Are You the One Who Is to Come?

Let’s put ourselves in the scene in today’s Gospel. John has been out in the desert proclaiming the coming of the God of Peace. He met with stiff opposition from the Roman dominators and Jewish leaders. Now he is in prison. For all he knows he may soon be put to death for his resistance to empire. He is talking to his disciples. One asks, “Is there any hope for us?” “Another says, “What about your cousin, Jesus?”
John replies, “I don’t know. I am not sure whether he is the One who is to come. Maybe we should look for another.”
“What are you saying, John? Do you wonder whether Jesus is the One who is to come?”
John answers, “I don’t know. He seems to want to take a different approach. This puzzles me. He was born in a cave—homeless. He and his parents had to flee the wrath of Herod. He was a refugee in Egypt. Then, he had this desert experience he talks about. He renounced dominative power and quick fixes. He told me that God called him Beloved when I baptized him in the Jordan. He talks about nonviolent resistance—love, forgiveness, justice and mercy. He just doesn’t seem to get it. He is dealing with a brood of vipers and urging people to practice just nonviolence. Does he think nonviolence will really work? Let’s try to find out. Why don’t you go and ask him?”
We know the rest of the story. Jesus assures the disciples of John that things will change. The great reversal of the God of Peace is in the works.
Jesus tells them, “The blind see. The lame are dancing. The deaf hear.”
Maybe this is the contrast between Jesus and his precursor cousin. The peppery John lashed out with judgment, fire and brimstone. He wants to bring about a quick fix. It will take violence to overthrow the empire and the powers and principalities. What the proponents of violence do not realize is that the peace wrought by the sword is not the peace of God. It will be temporary. God’s peace will be lasting.
Jesus rests in the assurance that the God of Peace, working in and through him, will bring about change. There is every reason to hope. Flowers will one day bloom in the parched desert. But Jesus realizes that he is dealing with the minds and hearts of people. He is dealing with people who look out for themselves and seek worldly comforts. This is the terrible paradox of divine love and human freedom. The God of Peace values us so much that she gives us the freedom to respond or not respond. Many times we fail to respond.
Jesus realizes that we cannot use violence and weapons to establish lasting justice and peace. It takes time and, as Paul cautions, patience. The root of patience is the Latin word “patior.” It means to suffer through. The peace of God will come through faithful suffering. There will be breakthroughs such as the current peace in Ireland. There will be setbacks like Iraq and Israel/Palestine. But, as Mary showed Juan Diego and the unbelieving bishop at Guadalupe, the rose will bloom in the dead of winter.
As peacemakers then, we respond to John’s disciples, “Yes, Jesus the one who has come and the one who is coming.” Whenever we see the hungry being fed and the thirsty being given drink, we catch a glimpse of the peace of God. When we see the homeless sheltered and the sick cared for, we realize that the peace of God is within our power. When we see the cancer victim cured and the lame now walking, we are aware that the peace of God has come. When we see people putting away their swords and coming to the bargaining table, we know that the peace of God is close at hand. When we see the poor valued and given meaningful work, we know that the peace of God is present. When we see governments spending more to alleviate suffering that they are spending for defense, we will know that the peace of God is at work. When we see fast food companies paying more for tomatoes so that the migrant workers can make a just living, we will know that the peace of God is close at hand. When we see dioceses, parishes and the faithful investing only in socially responsible companies, we will sense that the peace of God is becoming real.

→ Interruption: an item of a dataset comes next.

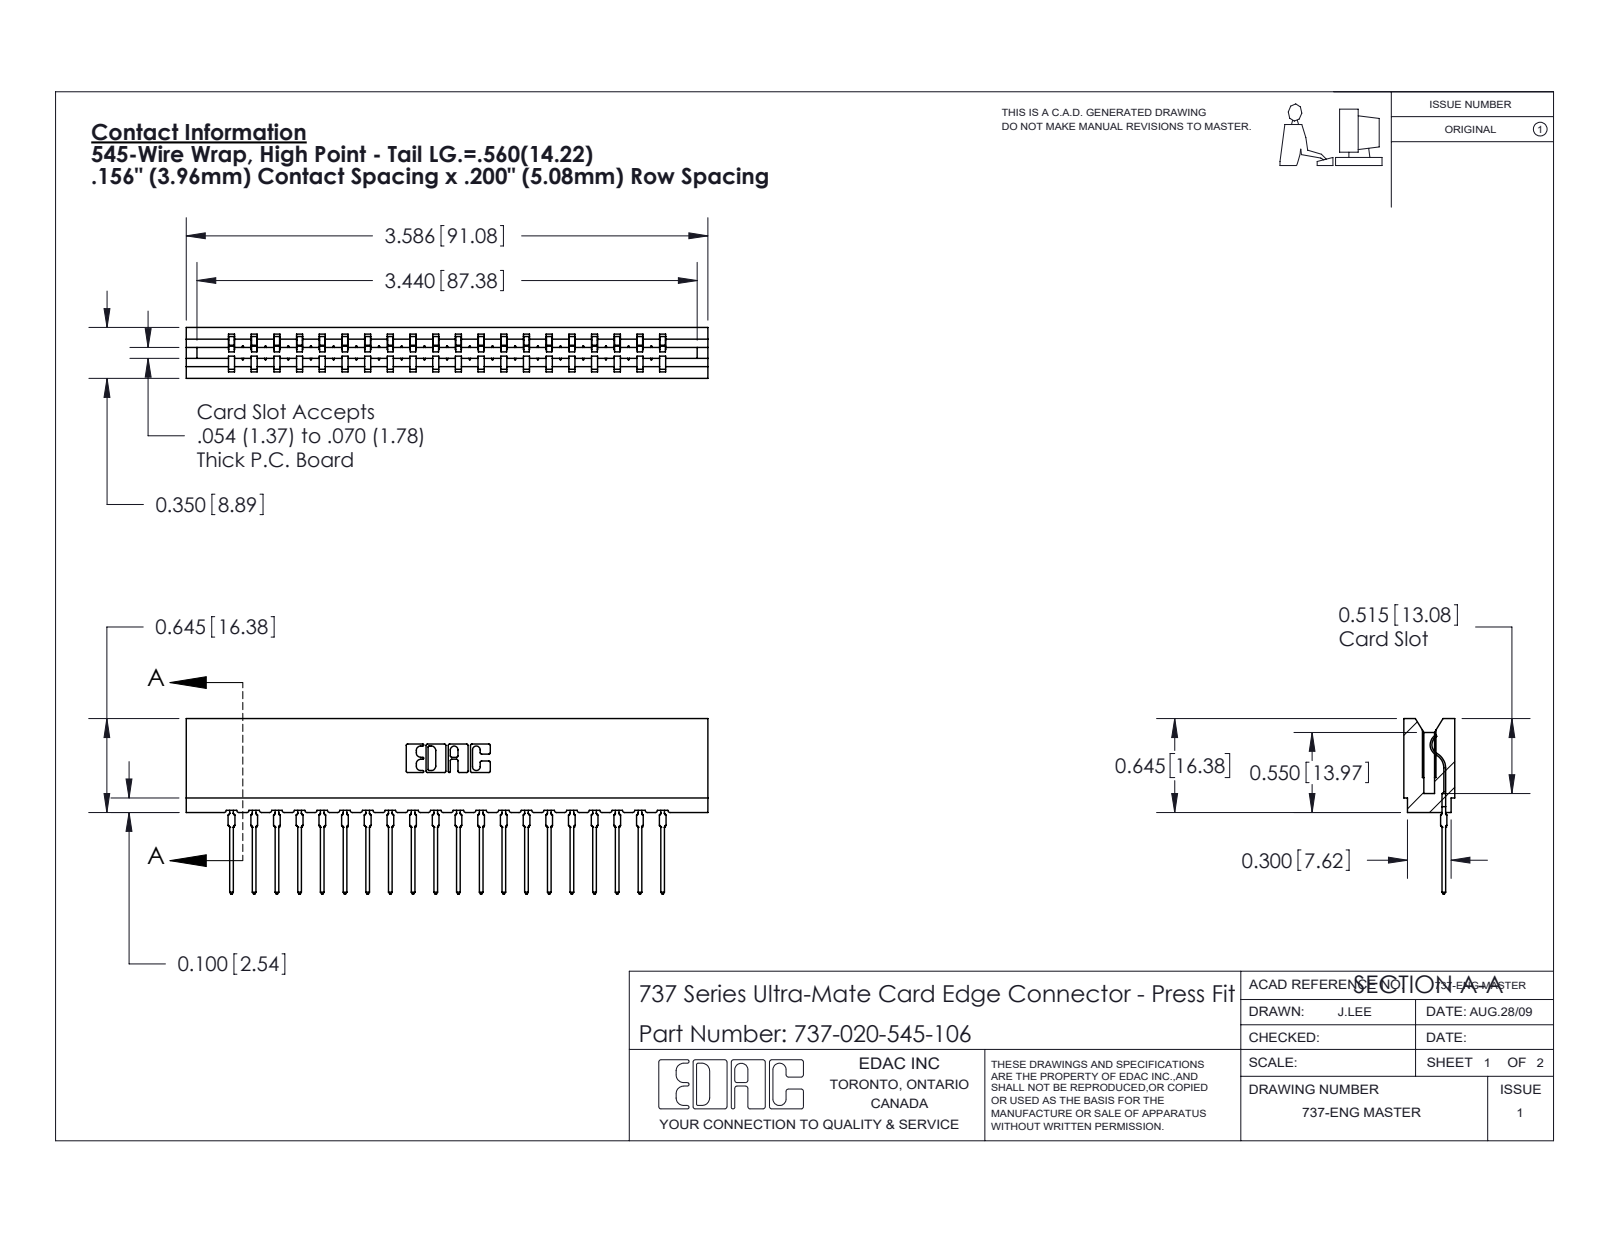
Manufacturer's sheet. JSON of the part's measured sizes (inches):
{"part_name": "737-020-545-106; 737 Part_Insulator Option - 06; 745-292-001_545", "step_written_by": "SolidWorks 2020 (CONFIG_CONTROL_DESIGN)", "units": "inches", "bodies": {"solids": 21, "faces": 2355, "planar": 1415, "cylindrical": 420, "other": 520}, "overall_size": [3.586, 1.206, 0.35], "volume_in3": 0.549, "surface_area_in2": 18.61, "partial_cylinders_radius": [[0.015, 40], [0.021, 40], [0.01, 22], [0.007, 6], [0.031, 6], [0.005, 4], [0.011, 4], [0.026, 3]], "face_to_face_distances": [0.138, 0.212, 0.35, 0.156, 0.624, 0.468, 0.78, 0.074, 0.045, 0.305]}
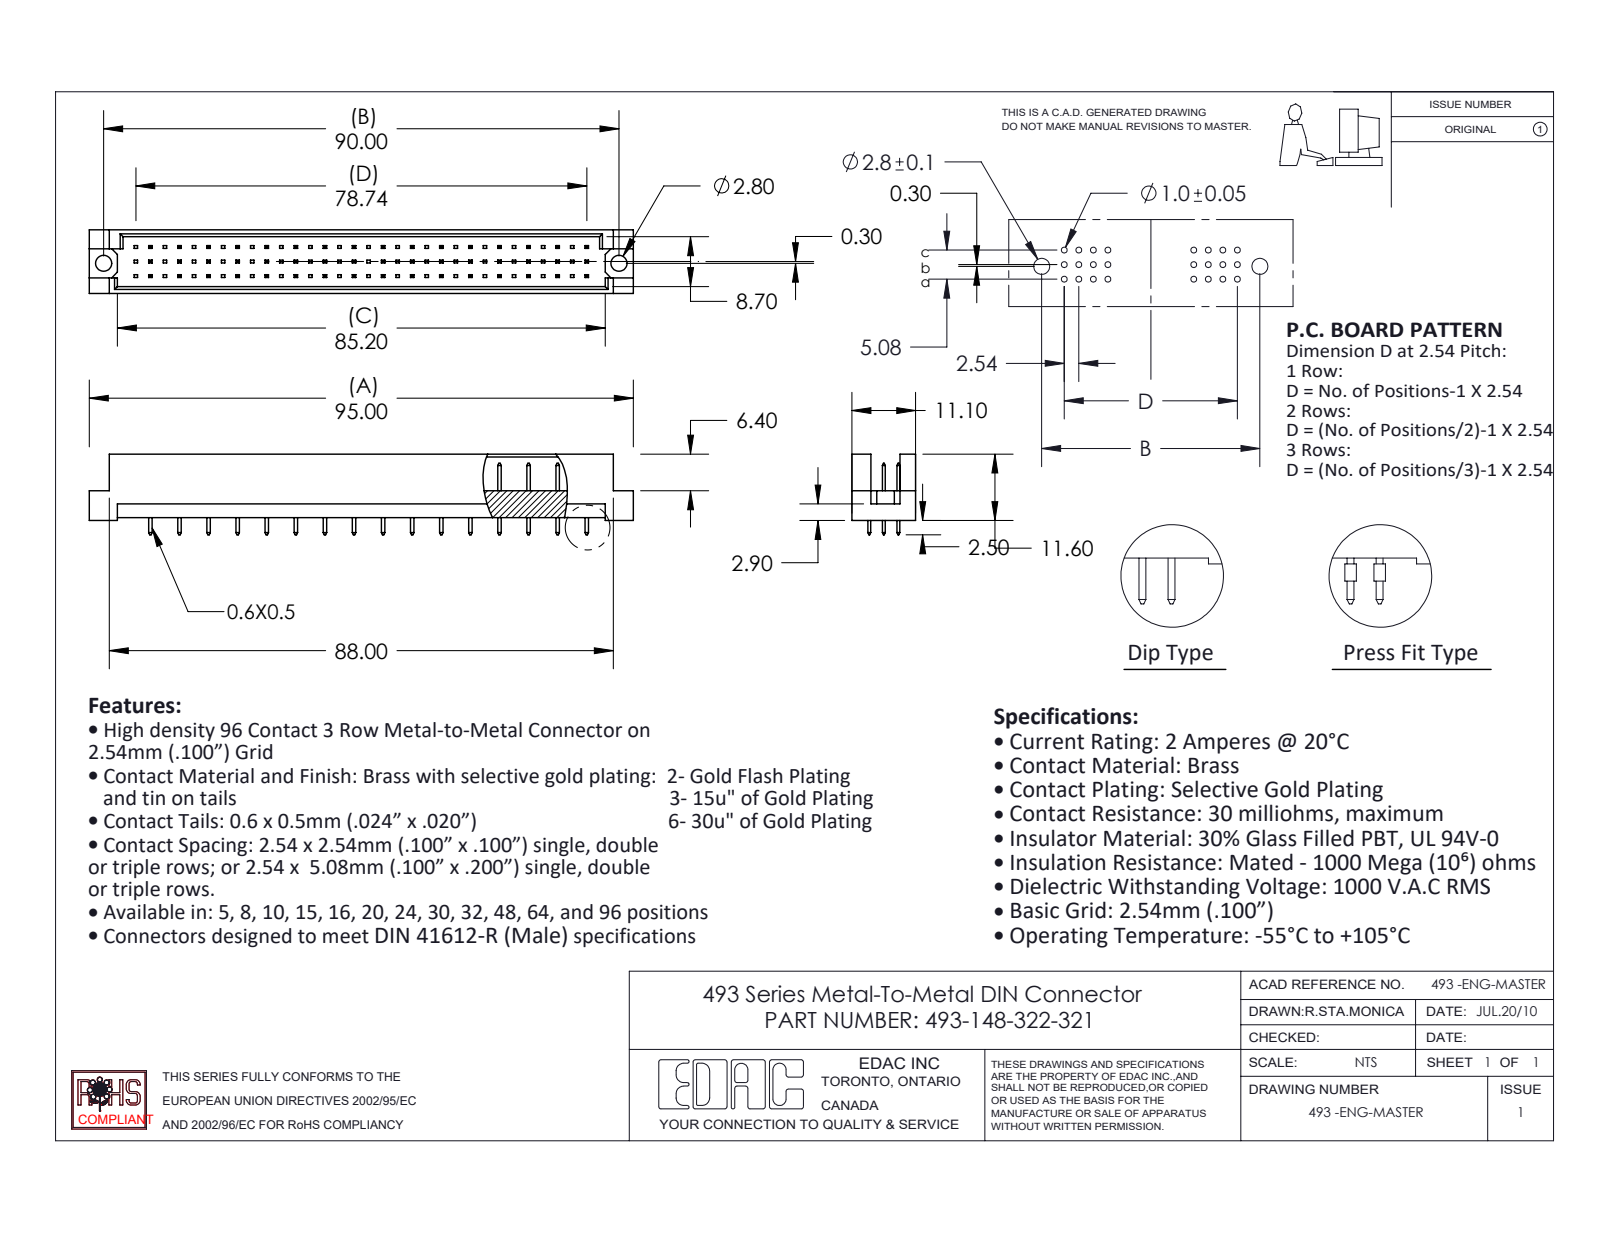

But, it will take time. Our hearts are hard and our wills are stubborn. It is not easy to give up creature comforts and our lifestyles in order to usher in the peace of God. It takes time for the God of Peace and the Prince of Peace to soften our hearts and for our wills to lock in on the value of nonviolence.
Merton says that peace is eschatological. The reign of the God of Peace is within our power but it is also coming. The great reversal is not yet complete.
Come, Prince of Peace! Dwell among us!